Special Track 3
Title: Arguments, algorithms and tools: what do we need to shape policy and confront misinformation post-pandemic?
Jaron Porciello, Cornell University (corresponding author)
Ulrike Hahn, Birkbeck College
Stephan Lewandowsky, University of Bristol
The COVID crisis has turned the world upside down. It has revealed societies’ fissures and pressure points as it has mercilessly revealed any lurking weaknesses in our existing systems and structures. The public and scientists have witnessed an explosion of scientific research across all disciplines –much it of understanding the nature of the virus itself—in addition to a well-spring of data science, meta-science and science communication, some of it drawing on state-of-the-art AI and machine learning tools designed to help scientists and non-scientists keep current on the explosion of knowledge.
The pandemic has brought into sharp focus questions surrounding the development, discussion, and diffusion of research. The wider issues they raise as they pertain to the ways science is and could be conducted in online information environments, whether this is among scientists themselves, in the interaction between scientists and policy-makers, or in interaction with the general public.

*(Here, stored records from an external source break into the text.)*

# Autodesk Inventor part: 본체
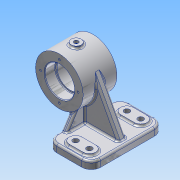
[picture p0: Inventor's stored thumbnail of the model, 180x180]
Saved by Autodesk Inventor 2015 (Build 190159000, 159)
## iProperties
Created: 2023-08
Part Number: 본체
Material: 알루미늄 6061
Document SubType Name: Modeling
Designer: 학생용
Mass: 777.816 g
Surface Area: 536.641 cm^2
Volume: 288.08 cm^3
Density: 2.7 g/cm^3
Appearance: 알루미늄 - 평지
Author: 학생용
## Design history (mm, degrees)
sketch "스케치1"
  geometry: L1 (0, 0)-(54, 0); L2 (0, 23.5)-(0, 38); L3 (0, 38)-(54, 38); L4 (54, 38)-(54, 23.5); L5 (54, 23.5)-(37, 23.5); L6 (37, 23.5)-(37, 20.5); L7 (37, 20.5)-(17, 20.5); L8 (17, 20.5)-(17, 23.5); L9 (17, 23.5)-(0, 23.5)
  constraints: 18 end point, 5 perpendicular, 4 point on line, 2 horizontal, 1 vertical
  dimensions: "d0" = 54 distance of L1.start L1.end; "d1" = 17 distance between parallel lines of L8 L2; "d2" = 17 distance between parallel lines of L4 L6; "d3" = 41 diameter of L7 L1; "d4" = 47 diameter of L5 L1; "d5" = 76 diameter of L3 L1
revolve "회전1" sketch "스케치1" stored, may be unused: angle "d6" = 90 deg
chamfer "모따기1" distance "d7" = 1; stored, may be unused: second distance "d8" = 2, angle "d9" = 45 deg
fillet "모깎기1" dims "d10" = 1
node "작업 평면1"
sketch "스케치3"
  geometry: L1 (-38, 0)-(-38, 54) reference; L2 (0, 27)-(82, 27); L3 (38, 54)-(-38, 54) reference; L4 (0, 54)-(0, 27); L5 (82, -31)-(12, -31); L6 (12, -31)-(12, 85); L7 (12, 85)-(82, 85); L8 (82, 85)-(82, -31); 2 further points
  constraints: 12 end point, 3 midpoint, 2 horizontal, 2 parallel, 2 perpendicular, 1 coincident
  dimensions: "d20" = 82 distance of L2.start L2.end; "d21" = 27 distance from line of L2.start L3; "d24" = 116 distance of L7.end L5.start; "d25" = 70 distance of L6.end L7.end
extrude "돌출1" join sketch "스케치3" distance "d26" = 12; taper "d27" = 0 deg
node "작업 평면2"
sketch "스케치7"
  geometry: L1 (40, -14)-(62, -14); L2 (40, -24)-(62, -24); L3 (62, -4)-(40, -4); L4 (40, 68)-(62, 68); L5 (40, 58)-(62, 58); L6 (62, 78)-(40, 78); L7 (-38, 0)-(-38, 54) reference; L8 (-38, 27)-(-55.074, 27); L9 (82, -31)-(82, 85) reference; A1 r 10 centre (40, -14) between (40, -4) and (40, -24); A2 r 10 centre (62, -14) between (62, -24) and (62, -4); A3 r 10 centre (40, 68) between (40, 78) and (40, 58); A4 r 10 centre (62, 68) between (62, 58) and (62, 78); 3 further points
  constraints: 18 end point, 8 point on circle, 8 tangent, 4 centre point, 3 midpoint, 3 parallel, 2 horizontal
  dimensions: "d51" = 82 distance of L1.end L4.end; "d52" = 41 distance from line of point (51, 68) L8; "d53" = 10 radius of A2; "d54" = 10 radius of A4; "d56" = 20 distance from line of L9 L1.end; "d57" = 20 distance from line of L9 L4.end; "d58" = 22 distance of L1.start L1.end; "d59" = 22 distance of L4.start L4.end
extrude "돌출2" join sketch "스케치7" distance "d60" = 3; taper "d61" = 0 deg
sketch "스케치8"
  geometry: C1 r 4.5 at (40, -14); C2 r 4.5 at (62, -14); C3 r 4.5 at (62, 68); C4 r 4.5 at (40, 68); A1 r 10 centre (40, -14) between (40, -4) and (40, -24) reference; A2 r 10 centre (62, -14) between (62, -24) and (62, -4) reference; A3 r 10 centre (62, 68) between (62, 58) and (62, 78) reference; A4 r 10 centre (40, 68) between (40, 78) and (40, 58) reference; 1 further point
  constraints: 4 centre point, 4 coincident
  dimensions: "d62" = 9 diameter of C4; "d63" = 9 diameter of C3; "d64" = 9 diameter of C2; "d65" = 9 diameter of C1
extrude "돌출3" cut sketch "스케치8" stored distance "d66" = 3; taper "d67" = 0 deg
sketch "스케치9"
  geometry: A1 r 30 centre (0, 0) between (0, 30) and (-30, 0); 3 further points
  constraints: 4 point on circle, 2 horizontal alignment, 2 vertical alignment, 1 centre point, 1 coincident
  dimensions: "d68" = 60 diameter of A1
hole "구멍2" sketch "스케치9" at (0, 30), (-30, 0), (0, -30), (30, 0) diameter "d69" = 3.242; stored, may be unused: countersink angle "d73" = 82 deg, drill point angle "d75" = 118 deg; dims "d70" = 8, "d71" = 3.023, "d72" = 2, "d74" = 10
sketch "스케치10"
  geometry: C1 r 30 at (0, 0); C2 r 1.621 at (0, -30) reference; C3 r 1.621 at (30, 0) reference; C4 r 1.621 at (0, 30) reference; C5 r 1.621 at (-30, 0) reference; 5 further points
  constraints: 5 coincident, 1 centre point
  dimensions: "d76" = 60 diameter of C1
hole "구멍3" sketch "스케치10" at (0, -30), (30, 0), (0, 30), (-30, 0) diameter "d77" = 3.242; stored, may be unused: countersink angle "d81" = 82 deg, drill point angle "d83" = 118 deg; dims "d78" = 8, "d79" = 3.023, "d80" = 2, "d82" = 10
node "작업 평면3"
sketch "스케치11"
  geometry: L1 (38, 54)-(-38, 54) reference; C1 r 8 at (0, 27); 1 further point
  constraints: 1 centre point, 1 vertical alignment
  dimensions: "d85" = 27 distance from line of C1.centre L1; "d86" = 16 diameter of C1
extrude "돌출4" join sketch "스케치11" stored distance "d87" = 3; taper "d88" = 0 deg
sketch "스케치12"
  geometry: L1 (38, 27)-(-38, 27) reference; C1 r 3.5 at (0, 0); 1 further point
  constraints: 1 centre point, 1 vertical alignment
  dimensions: "d89" = 7 diameter of C1; "d90" = 27 distance from line of C1.centre L1
extrude "돌출5" cut sketch "스케치12" distance "d91" = 4; taper "d92" = 0 deg
sketch "스케치13"
  geometry: L1 (38, 27)-(-38, 27) reference; 2 further points
  constraints: 1 vertical alignment
  dimensions: "d93" = 27 distance from line of L1 point (0, 0)
hole "구멍4" sketch "스케치13" at (0, 0) diameter "d94" = 5.188; stored, may be unused: countersink angle "d98" = 82 deg, drill point angle "d100" = 118 deg; dims "d95" = 12, "d96" = 3.023, "d97" = 2, "d99" = 16
node "작업 평면4"
sketch "스케치15"
  geometry: L1 (89.033, 48)-(86.621, 48) reference; L2 (86.621, 48)-(86.621, 68) reference; L3 (86.621, 68)-(89.033, 68) reference; L4 (90.205, 69)-(90.205, 84) reference; L5 (91.36, 85)-(106.056, 85) reference; L6 (106.056, 85)-(106.056, 31) reference; L7 (106.056, 31)-(91.36, 31) reference; L8 (90.205, 32)-(90.205, 47) reference; L9 (49.795, 47)-(49.795, 32) reference; L10 (48.64, 31)-(33.944, 31) reference; L11 (33.944, 31)-(33.944, 85) reference; L12 (33.944, 85)-(48.64, 85) reference; L13 (49.795, 84)-(49.795, 69) reference; L14 (50.967, 68)-(53.379, 68) reference; L15 (53.379, 68)-(53.379, 48) reference; L16 (53.379, 48)-(50.967, 48) reference; L17 (0, 116)-(12, 116) reference; L18 (12, 116)-(12, 0) reference; L19 (12, 0)-(0, 0) reference; L20 (0, 0)-(0, 116) reference; L21 (12, 0)-(12, 116) reference; L22 (12, 94)-(40.238, 75.662); L23 (40.238, 75.662)-(40.238, 40.338); L24 (40.238, 40.338)-(12, 22); 1 further point
  constraints: 6 end point, 2 point on line, 1 parallel, 8 other
  dimensions: "d102" = 22 distance from line of L17 L22.start; "d103" = 33 deg angle of L17 L22; "d104" = 33 deg angle of L19 L24; "d105" = 22 distance from line of L19 L24.end
extrude "돌출6" join sketch "스케치15" distance "d106" = 8; taper "d107" = 0 deg
sketch "스케치16"
  geometry: L1 (70, 0)-(70, 12) reference; L2 (70, 12)-(0, 12) reference; L3 (21.529, 87.882)-(62, 12); 2 further points
  constraints: 2 end point, 1 point on line, 3 other
  dimensions: "d108" = 8 distance from line of L1 L3.end
feature "리브3" sketch "스케치16" dims "d109" = 1, "d110" = 12, "d111" = 0, "d112" = 0, "d113" = 1, "d114" = 1
fillet "모깎기4" dims "d115" = 3
fillet "모깎기5" dims "d116" = 3
fillet "모깎기6" dims "d117" = 3
fillet "모깎기7" dims "d118" = 3
fillet "모깎기9" dims "d120" = 3
fillet "모깎기10" dims "d121" = 15
fillet "모깎기11" dims "d122" = 3
fillet "모깎기12" dims "d123" = 3
fillet "모깎기13" dims "d124" = 3
fillet "모깎기14" dims "d125" = 3
sketch "스케치17"
  geometry: L1 (-30, 63.734)-(-30, -22.266) reference; L2 (81, 24.234)-(81, 17.234) reference; L3 (81, 20.734)-(90.805, 20.734); L4 (81, 28.734)-(81, 12.734) reference; 3 further points
  constraints: 2 end point, 2 midpoint, 1 horizontal, 1 horizontal alignment, 1 other
  dimensions: "d126" = 19 distance from line of L1 point (-11, 20.734)
extrude "돌출7" join sketch "스케치17" distance "d127" = 0.5; taper "d128" = 0 deg
node "솔리드1"
node "절단 모서리 투영3"
other parameters: "d84" = 41
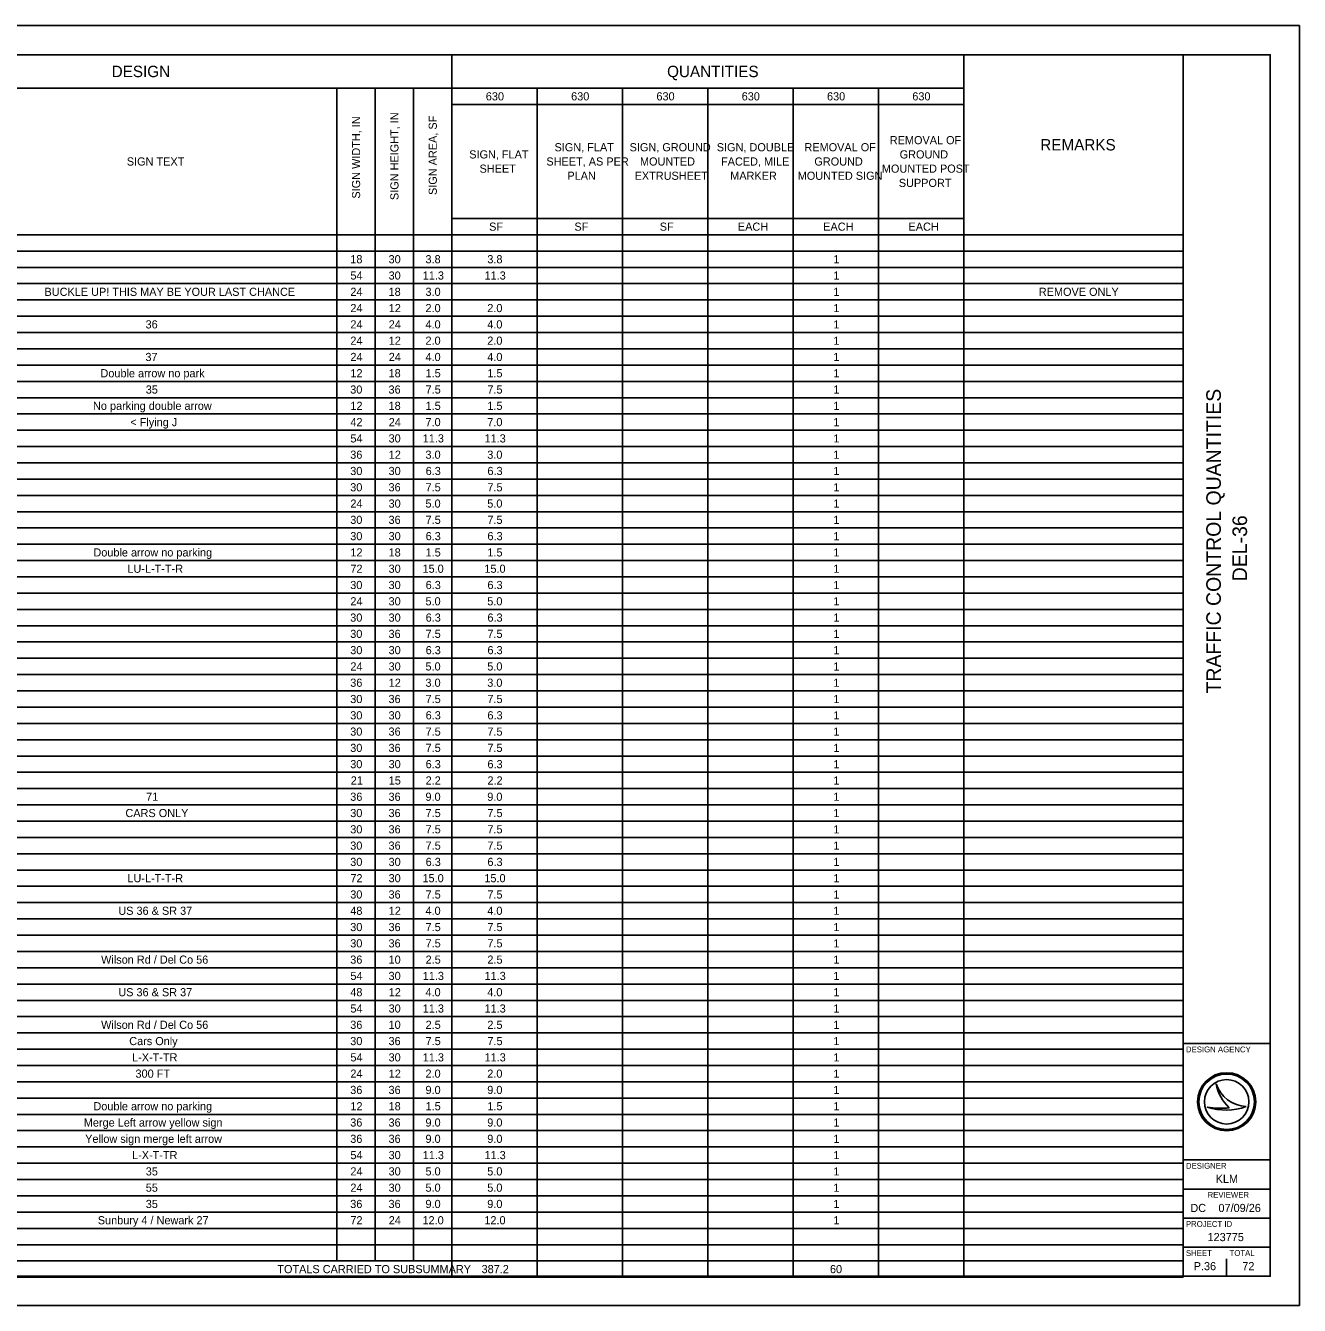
# Model space of a CAD drawing. Extents: x 0 to 34, y 0 to 22.
# Drawn here: x 12.11 to 34, y 0 to 22 of the extents above; entities that cross this region are included whole.
import ezdxf

# ---------------------------------------------------------------- set-up
doc = ezdxf.new("R2010")
doc.units = 0
for name, color, linetype in [('SH_Border', 7, 'Continuous'), ('SH_Cut_Line', 7, 'Continuous'), ('SH_Data', 7, 'Continuous'), ('SH_Text', 7, 'Continuous')]:
    doc.layers.add(name, color=color, linetype=linetype)

msp = doc.modelspace()

# ---------------------------------------------------------------- linework, layer by layer
at = {"layer": 'SH_Border'}
for p, q in [((32, 0.5), (32, 21.5)), ((32, 4.5), (33.5, 4.5)), ((32, 2.5), (33.5, 2.5)), ((32, 2), (33.5, 2)), ((32, 1.5), (33.5, 1.5)), ((32, 1), (33.5, 1))]:
    msp.add_line(p, q, dxfattribs=at)
msp.add_lwpolyline([(1.5, 21.5), (33.5, 21.5), (33.5, 0.5), (1.5, 0.5)], close=True, dxfattribs=at)
at = {"layer": 'SH_Cut_Line'}
msp.add_lwpolyline([(0, 0), (34, 0), (34, 22), (0, 22)], close=True, dxfattribs=at)
at = {"layer": 'SH_Data'}
for p, q in [((1.5, 21.5), (32.004, 21.5)), ((19.436, 21.5), (19.436, 0.484)), ((28.232, 21.5), (28.232, 0.484)), ((32.004, 21.5), (32.004, 0.484)), ((1.5, 20.924), (28.232, 20.924)), ((17.46, 20.924), (17.46, 0.764)), ((18.119, 20.924), (18.119, 0.764)), ((18.778, 20.924), (18.778, 0.764)), ((20.902, 20.924), (20.902, 0.484)), ((22.368, 20.924), (22.368, 0.484)), ((23.834, 20.924), (23.834, 0.484)), ((25.3, 20.924), (25.3, 0.484)), ((26.766, 20.924), (26.766, 0.484)), ((19.436, 20.644), (28.232, 20.644)), ((19.436, 18.684), (28.232, 18.684)), ((1.5, 18.404), (32.004, 18.404)), ((1.5, 18.124), (32.004, 18.124)), ((1.5, 17.844), (32.004, 17.844)), ((1.5, 17.564), (32.004, 17.564)), ((1.5, 17.284), (32.004, 17.284)), ((1.5, 17.004), (32.004, 17.004)), ((1.5, 16.724), (32.004, 16.724)), ((1.5, 16.444), (32.004, 16.444)), ((1.5, 16.164), (32.004, 16.164)), ((1.5, 15.884), (32.004, 15.884)), ((1.5, 15.604), (32.004, 15.604)), ((1.5, 15.324), (32.004, 15.324)), ((1.5, 15.044), (32.004, 15.044)), ((1.5, 14.764), (32.004, 14.764)), ((1.5, 14.484), (32.004, 14.484)), ((1.5, 14.204), (32.004, 14.204)), ((1.5, 13.924), (32.004, 13.924)), ((1.5, 13.644), (32.004, 13.644)), ((1.5, 13.364), (32.004, 13.364)), ((1.5, 13.084), (32.004, 13.084)), ((1.5, 12.804), (32.004, 12.804)), ((1.5, 12.524), (32.004, 12.524)), ((1.5, 12.244), (32.004, 12.244)), ((1.5, 11.964), (32.004, 11.964)), ((1.5, 11.684), (32.004, 11.684)), ((1.5, 11.404), (32.004, 11.404)), ((1.5, 11.124), (32.004, 11.124)), ((1.5, 10.844), (32.004, 10.844)), ((1.5, 10.564), (32.004, 10.564)), ((1.5, 10.284), (32.004, 10.284)), ((1.5, 10.004), (32.004, 10.004)), ((1.5, 9.724), (32.004, 9.724)), ((1.5, 9.444), (32.004, 9.444)), ((1.5, 9.164), (32.004, 9.164)), ((1.5, 8.884), (32.004, 8.884)), ((1.5, 8.604), (32.004, 8.604)), ((1.5, 8.324), (32.004, 8.324)), ((1.5, 8.044), (32.004, 8.044)), ((1.5, 7.764), (32.004, 7.764)), ((1.5, 7.484), (32.004, 7.484)), ((1.5, 7.204), (32.004, 7.204)), ((1.5, 6.924), (32.004, 6.924)), ((1.5, 6.644), (32.004, 6.644)), ((1.5, 6.364), (32.004, 6.364)), ((1.5, 6.084), (32.004, 6.084)), ((1.5, 5.804), (32.004, 5.804)), ((1.5, 5.524), (32.004, 5.524)), ((1.5, 5.244), (32.004, 5.244)), ((1.5, 4.964), (32.004, 4.964)), ((1.5, 4.684), (32.004, 4.684)), ((1.5, 4.404), (32.004, 4.404)), ((1.5, 4.124), (32.004, 4.124)), ((1.5, 3.844), (32.004, 3.844)), ((32.567, 3.81), (32.567, 3.81)), ((1.5, 3.564), (32.004, 3.564)), ((32.417, 3.41), (32.417, 3.41)), ((32.75, 3.5), (32.75, 3.5)), ((33.087, 3.419), (33.087, 3.419)), ((1.5, 3.284), (32.004, 3.284)), ((1.5, 3.004), (32.004, 3.004)), ((1.5, 2.724), (32.004, 2.724)), ((1.5, 2.444), (32.004, 2.444)), ((1.5, 2.164), (32.004, 2.164)), ((1.5, 1.884), (32.004, 1.884)), ((1.5, 1.604), (32.004, 1.604)), ((1.5, 1.324), (32.004, 1.324)), ((1.5, 1.044), (32.004, 1.044)), ((1.5, 0.764), (32.004, 0.764)), ((32.375, 0.675), (32.375, 0.675)), ((32.75, 0.5), (32.75, 0.8)), ((1.5, 0.484), (32.004, 0.484))]:
    msp.add_line(p, q, dxfattribs=at)
for radius in [0.5, 0.477, 0.477, 0.382]:
    msp.add_circle((32.75, 3.5), radius, dxfattribs=at)
for centre, radius, start, end in [((33.116, 3.998), 0.58, 198.9257, 198.9319), ((33.347, 3.97), 0.796, 191.6379, 191.6421), ((33.116, 3.998), 0.58, 198.9319, 267.1657), ((33.347, 3.97), 0.796, 191.6421, 226.0947), ((32.739, 4.37), 1.013, 251.4576, 290.0832), ((32.648, 4.654), 1.266, 259.4964, 259.4995), ((32.739, 4.37), 1.013, 251.4527, 251.4576), ((32.648, 4.654), 1.266, 259.4995, 276.6672)]:
    msp.add_arc(centre, radius, start, end, dxfattribs=at)

# ---------------------------------------------------------------- texts
for s, p in [('TRAFFIC CONTROL QUANTITIES', (32.65, 10.519)), ('DEL-36', (33.1, 12.448))]:
    msp.add_text(s, height=0.25, rotation=90, dxfattribs=at).set_placement(p)
for s, height, p in [('DESIGN AGENCY', 0.1, (32.05, 4.35)), ('DESIGNER', 0.1, (32.05, 2.35)), ('KLM', 0.14, (32.561, 2.105)), ('REVIEWER', 0.1, (32.422, 1.85)), ('DC', 0.14, (32.126, 1.605)), ('07/09/26', 0.14, (32.609, 1.605)), ('PROJECT ID', 0.1, (32.05, 1.35)), ('123775', 0.14, (32.421, 1.105)), ('SHEET', 0.1, (32.05, 0.85)), ('TOTAL', 0.1, (32.8, 0.85)), ('P.36', 0.14, (32.183, 0.605)), ('72', 0.14, (33.019, 0.605))]:
    msp.add_text(s, height=height, dxfattribs=at).set_placement(p)
at = {"layer": 'SH_Text'}
for s, height, p in [('DESIGN', 0.196, (13.589, 21.114)), ('QUANTITIES', 0.196, (23.134, 21.114)), ('630', 0.14, (20.019, 20.714)), ('630', 0.14, (21.485, 20.714)), ('630', 0.14, (22.951, 20.714)), ('630', 0.14, (24.416, 20.714)), ('630', 0.14, (25.882, 20.714)), ('630', 0.14, (27.348, 20.714)), ('REMOVAL OF ', 0.14, (26.961, 19.961)), ('REMARKS', 0.196, (29.547, 19.854)), ('SIGN, FLAT ', 0.14, (19.734, 19.716)), ('SIGN, FLAT ', 0.14, (21.2, 19.839)), ('SIGN, GROUND ', 0.14, (22.49, 19.839)), ('SIGN, DOUBLE ', 0.14, (23.988, 19.839)), ('REMOVAL OF ', 0.14, (25.495, 19.839)), ('GROUND ', 0.14, (27.131, 19.716)), ('SIGN TEXT', 0.14, (13.85, 19.594)), ('SHEET', 0.14, (19.911, 19.471)), ('SHEET, AS PER ', 0.14, (21.06, 19.594)), ('MOUNTED ', 0.14, (22.668, 19.594)), ('FACED, MILE ', 0.14, (24.061, 19.594)), ('GROUND ', 0.14, (25.665, 19.594)), ('MOUNTED POST ', 0.14, (26.825, 19.471)), ('PLAN', 0.14, (21.421, 19.349)), ('EXTRUSHEET', 0.14, (22.576, 19.349)), ('MARKER', 0.14, (24.219, 19.349)), ('MOUNTED SIGN', 0.14, (25.379, 19.349)), ('SUPPORT', 0.14, (27.116, 19.226)), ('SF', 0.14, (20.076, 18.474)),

This special track will consider what we have learned as we emerge from the COVID-19 pandemic. What are the tools, systems, data governance models and types of experts that we need to foster science and help maximize its societal benefits well beyond the pandemic context? We will pay special attention to the role of media in the dissemination of new scientific findings alongside misinformation: expediency, if nothing else, during the pandemic has necessitated the use of extant social media platforms for science-to-science, science-to-policy, and science-to-public discourse.
We will bring together a mix of contributed papers and panel discussions to explore the relationship between discourse quality and algorithmic mediation. More specifically, we invite contributions on the following topics:
- COVID-19 required urgency to produce, react and make decisions based on scientific data. How have platforms tuned to the maximization of advertising revenue failed and succeeded to serve the epistemic goals of scientists? How did the fine-tuning of algorithmic behaviours on platforms like Twitter and YouTube end up impacting decision-making processes, psychology and behaviour of the individuals using these platforms? Are there new opportunities to re-purpose and extend existing tools to promote high-quality science discourse?
- Preliminary scientific findings find themselves in a complex set of dynamics between science, policy makers, public opinion, non-traditional `outlets’ for scientific research and the media that seem deeply problematic for the integrity of the scientific process. Many of the traditional systems of peer-review and science policy were arguably already challenged by the pre-crisis state of affairs, and the pandemic has placed huge additional demands on these system. Platforms that could reward expediency and transparency, in part by increasing usage of existing machine-learning algorithms, saw dramatic increases in usage and content. They have replaced some quality-control and review functions that were previously designed for humans. If the principles of expediency, transparency and informal review are to become part of the new normal, then what models of data governance and science policy do we need to encourage? What types of sociotechnical models do we need to encourage unbiased decision-making?
- The pandemic clearly challenged the traditional science-to-policy interface. Scientists in all disciplines were called on to act as intermediaries and build trust between the general public and policy-makers. Scientists were vetting “emergent science” as it was published on social media platforms, resulting in at least one high-profile retraction. This has pushed the job of technical discussions and scientific peer-review into a new social space and one where publishers do not wield as much power over the dissemination of scientific ideas. However, oversight is important, and in this panel we invite novel ideas for governance systems, online tools and financing mechanisms that we need in order to make successful and long-lasting changes towards creating new systems for science.
- There is evidence that shows that the same misformation tactics and campaigns that have been used for climate change (among other issues) are the same ones casting aspersions about the COVID-19 vaccines. How can we prevent bad actors from overwhelming public systems and reduce opportunities for misinformation campaigns based on expedient science now, and in the future?